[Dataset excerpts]

--- START ---

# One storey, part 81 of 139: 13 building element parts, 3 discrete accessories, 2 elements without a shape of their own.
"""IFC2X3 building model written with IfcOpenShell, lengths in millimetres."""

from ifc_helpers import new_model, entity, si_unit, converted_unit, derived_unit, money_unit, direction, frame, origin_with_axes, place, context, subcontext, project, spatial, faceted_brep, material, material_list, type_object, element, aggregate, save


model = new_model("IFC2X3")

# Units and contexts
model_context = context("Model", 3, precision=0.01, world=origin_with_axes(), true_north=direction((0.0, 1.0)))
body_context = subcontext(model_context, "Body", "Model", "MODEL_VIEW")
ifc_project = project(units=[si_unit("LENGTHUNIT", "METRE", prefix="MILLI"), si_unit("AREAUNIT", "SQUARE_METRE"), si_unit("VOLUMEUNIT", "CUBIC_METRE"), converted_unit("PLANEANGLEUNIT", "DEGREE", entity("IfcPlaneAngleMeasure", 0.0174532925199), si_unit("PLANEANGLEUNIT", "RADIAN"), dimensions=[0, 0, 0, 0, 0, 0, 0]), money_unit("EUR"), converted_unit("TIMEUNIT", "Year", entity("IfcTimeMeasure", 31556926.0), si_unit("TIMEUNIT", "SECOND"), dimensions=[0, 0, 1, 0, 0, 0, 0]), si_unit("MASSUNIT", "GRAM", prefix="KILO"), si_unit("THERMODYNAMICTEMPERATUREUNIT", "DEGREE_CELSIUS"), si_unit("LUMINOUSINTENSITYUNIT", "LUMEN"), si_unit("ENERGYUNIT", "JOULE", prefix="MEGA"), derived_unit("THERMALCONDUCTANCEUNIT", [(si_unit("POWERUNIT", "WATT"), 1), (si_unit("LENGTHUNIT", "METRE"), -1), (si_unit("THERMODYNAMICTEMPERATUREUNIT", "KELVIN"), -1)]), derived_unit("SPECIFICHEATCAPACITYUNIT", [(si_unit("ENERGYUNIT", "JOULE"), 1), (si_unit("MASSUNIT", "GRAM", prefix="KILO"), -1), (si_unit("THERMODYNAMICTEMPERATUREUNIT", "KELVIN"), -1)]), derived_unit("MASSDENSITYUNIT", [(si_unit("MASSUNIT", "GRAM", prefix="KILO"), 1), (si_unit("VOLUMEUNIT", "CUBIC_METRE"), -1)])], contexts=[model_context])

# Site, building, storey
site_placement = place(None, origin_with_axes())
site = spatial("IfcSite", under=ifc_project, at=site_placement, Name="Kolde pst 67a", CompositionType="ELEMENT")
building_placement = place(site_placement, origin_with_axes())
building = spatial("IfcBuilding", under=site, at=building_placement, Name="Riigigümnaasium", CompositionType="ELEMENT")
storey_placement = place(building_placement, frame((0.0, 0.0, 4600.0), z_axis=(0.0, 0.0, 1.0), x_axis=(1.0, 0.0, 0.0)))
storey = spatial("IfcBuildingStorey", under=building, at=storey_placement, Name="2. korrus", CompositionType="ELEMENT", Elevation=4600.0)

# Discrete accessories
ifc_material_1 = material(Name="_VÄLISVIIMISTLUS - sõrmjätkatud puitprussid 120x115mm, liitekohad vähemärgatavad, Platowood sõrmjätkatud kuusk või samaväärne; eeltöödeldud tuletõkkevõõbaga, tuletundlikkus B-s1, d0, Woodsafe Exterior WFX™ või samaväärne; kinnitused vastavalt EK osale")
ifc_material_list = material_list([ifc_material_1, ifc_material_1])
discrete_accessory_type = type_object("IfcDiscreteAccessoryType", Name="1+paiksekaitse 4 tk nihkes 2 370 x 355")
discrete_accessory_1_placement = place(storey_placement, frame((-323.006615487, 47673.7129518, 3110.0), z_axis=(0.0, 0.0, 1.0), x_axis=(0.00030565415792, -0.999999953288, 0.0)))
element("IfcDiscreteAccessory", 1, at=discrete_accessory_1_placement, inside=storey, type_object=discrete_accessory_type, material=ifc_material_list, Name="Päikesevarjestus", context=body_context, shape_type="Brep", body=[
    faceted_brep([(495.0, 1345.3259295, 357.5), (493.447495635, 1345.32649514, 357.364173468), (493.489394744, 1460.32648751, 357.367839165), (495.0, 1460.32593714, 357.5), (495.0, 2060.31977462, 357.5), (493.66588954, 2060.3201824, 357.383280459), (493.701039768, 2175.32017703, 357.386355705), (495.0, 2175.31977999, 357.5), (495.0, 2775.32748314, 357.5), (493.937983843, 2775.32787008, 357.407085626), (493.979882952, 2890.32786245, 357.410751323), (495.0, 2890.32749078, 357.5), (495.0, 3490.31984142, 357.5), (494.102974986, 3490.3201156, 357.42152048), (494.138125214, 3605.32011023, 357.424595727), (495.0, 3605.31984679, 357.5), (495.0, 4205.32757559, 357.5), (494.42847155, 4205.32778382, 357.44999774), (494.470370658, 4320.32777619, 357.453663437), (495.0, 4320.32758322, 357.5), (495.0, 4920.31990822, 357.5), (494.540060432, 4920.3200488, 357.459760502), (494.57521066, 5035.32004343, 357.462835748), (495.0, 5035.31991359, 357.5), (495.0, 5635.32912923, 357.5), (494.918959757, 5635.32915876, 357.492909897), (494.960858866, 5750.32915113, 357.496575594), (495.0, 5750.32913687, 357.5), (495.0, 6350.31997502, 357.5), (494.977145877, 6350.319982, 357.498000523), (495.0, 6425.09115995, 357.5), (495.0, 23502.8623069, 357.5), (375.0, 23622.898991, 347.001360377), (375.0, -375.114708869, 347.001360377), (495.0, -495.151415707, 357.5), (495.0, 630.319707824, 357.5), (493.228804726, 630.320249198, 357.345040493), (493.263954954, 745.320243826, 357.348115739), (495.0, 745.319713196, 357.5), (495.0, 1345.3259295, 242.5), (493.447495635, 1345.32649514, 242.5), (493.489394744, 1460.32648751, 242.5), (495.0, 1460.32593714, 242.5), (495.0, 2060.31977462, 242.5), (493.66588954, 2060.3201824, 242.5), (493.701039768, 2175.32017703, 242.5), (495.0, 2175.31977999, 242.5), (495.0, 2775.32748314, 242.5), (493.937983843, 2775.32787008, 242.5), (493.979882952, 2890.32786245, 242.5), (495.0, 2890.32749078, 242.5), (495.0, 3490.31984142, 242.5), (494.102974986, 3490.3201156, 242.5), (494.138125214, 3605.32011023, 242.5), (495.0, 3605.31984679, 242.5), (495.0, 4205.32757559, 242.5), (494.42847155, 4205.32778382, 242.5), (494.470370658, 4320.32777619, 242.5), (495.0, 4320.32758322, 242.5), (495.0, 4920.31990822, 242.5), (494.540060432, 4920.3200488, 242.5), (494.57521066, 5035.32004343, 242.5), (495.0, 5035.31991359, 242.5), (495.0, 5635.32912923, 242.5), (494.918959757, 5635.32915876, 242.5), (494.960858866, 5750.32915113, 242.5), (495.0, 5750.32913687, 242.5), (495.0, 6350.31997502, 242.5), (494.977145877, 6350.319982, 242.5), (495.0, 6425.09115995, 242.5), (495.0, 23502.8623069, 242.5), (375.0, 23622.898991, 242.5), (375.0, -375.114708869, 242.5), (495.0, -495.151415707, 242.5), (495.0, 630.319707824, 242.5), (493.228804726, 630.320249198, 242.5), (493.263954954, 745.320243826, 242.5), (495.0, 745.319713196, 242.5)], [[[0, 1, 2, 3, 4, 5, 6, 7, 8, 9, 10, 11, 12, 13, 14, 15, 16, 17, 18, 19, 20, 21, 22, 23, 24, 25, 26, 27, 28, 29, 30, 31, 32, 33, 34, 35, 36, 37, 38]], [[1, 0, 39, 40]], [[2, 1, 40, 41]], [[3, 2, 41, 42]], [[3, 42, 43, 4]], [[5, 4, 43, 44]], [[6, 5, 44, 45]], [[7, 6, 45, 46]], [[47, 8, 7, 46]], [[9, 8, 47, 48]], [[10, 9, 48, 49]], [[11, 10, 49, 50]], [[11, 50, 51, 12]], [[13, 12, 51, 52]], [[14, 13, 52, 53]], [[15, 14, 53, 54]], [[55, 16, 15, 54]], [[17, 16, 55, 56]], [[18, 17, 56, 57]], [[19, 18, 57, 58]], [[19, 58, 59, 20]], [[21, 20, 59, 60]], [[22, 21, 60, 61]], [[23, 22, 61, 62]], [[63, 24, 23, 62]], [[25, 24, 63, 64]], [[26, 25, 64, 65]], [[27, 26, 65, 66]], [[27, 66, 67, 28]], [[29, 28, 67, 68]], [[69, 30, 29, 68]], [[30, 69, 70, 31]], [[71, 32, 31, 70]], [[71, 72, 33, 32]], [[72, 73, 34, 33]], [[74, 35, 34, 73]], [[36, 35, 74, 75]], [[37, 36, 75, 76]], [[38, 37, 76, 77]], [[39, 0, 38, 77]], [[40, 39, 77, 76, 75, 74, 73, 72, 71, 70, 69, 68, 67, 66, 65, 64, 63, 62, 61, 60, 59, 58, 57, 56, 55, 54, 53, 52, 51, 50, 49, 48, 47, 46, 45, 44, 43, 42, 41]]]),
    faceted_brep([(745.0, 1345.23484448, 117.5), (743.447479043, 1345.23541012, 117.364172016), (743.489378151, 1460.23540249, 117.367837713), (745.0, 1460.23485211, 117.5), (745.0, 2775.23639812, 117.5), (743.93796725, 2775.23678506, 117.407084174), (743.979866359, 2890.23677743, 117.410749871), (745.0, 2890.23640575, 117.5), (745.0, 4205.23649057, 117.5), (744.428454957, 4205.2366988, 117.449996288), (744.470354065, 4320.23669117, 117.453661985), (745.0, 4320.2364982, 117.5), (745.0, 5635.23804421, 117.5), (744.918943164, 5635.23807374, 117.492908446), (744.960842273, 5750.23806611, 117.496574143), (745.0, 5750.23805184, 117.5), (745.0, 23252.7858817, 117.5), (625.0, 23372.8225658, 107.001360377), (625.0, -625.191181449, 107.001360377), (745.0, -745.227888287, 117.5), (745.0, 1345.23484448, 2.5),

--- END ---

Required action
Return a copy of each line in the entries that carries the string "direction".

Result for this task
from ifc_helpers import new_model, entity, si_unit, converted_unit, derived_unit, money_unit, direction, frame, origin_with_axes, place, context, subcontext, project, spatial, faceted_brep, material, material_list, type_object, element, aggregate, save
model_context = context("Model", 3, precision=0.01, world=origin_with_axes(), true_north=direction((0.0, 1.0)))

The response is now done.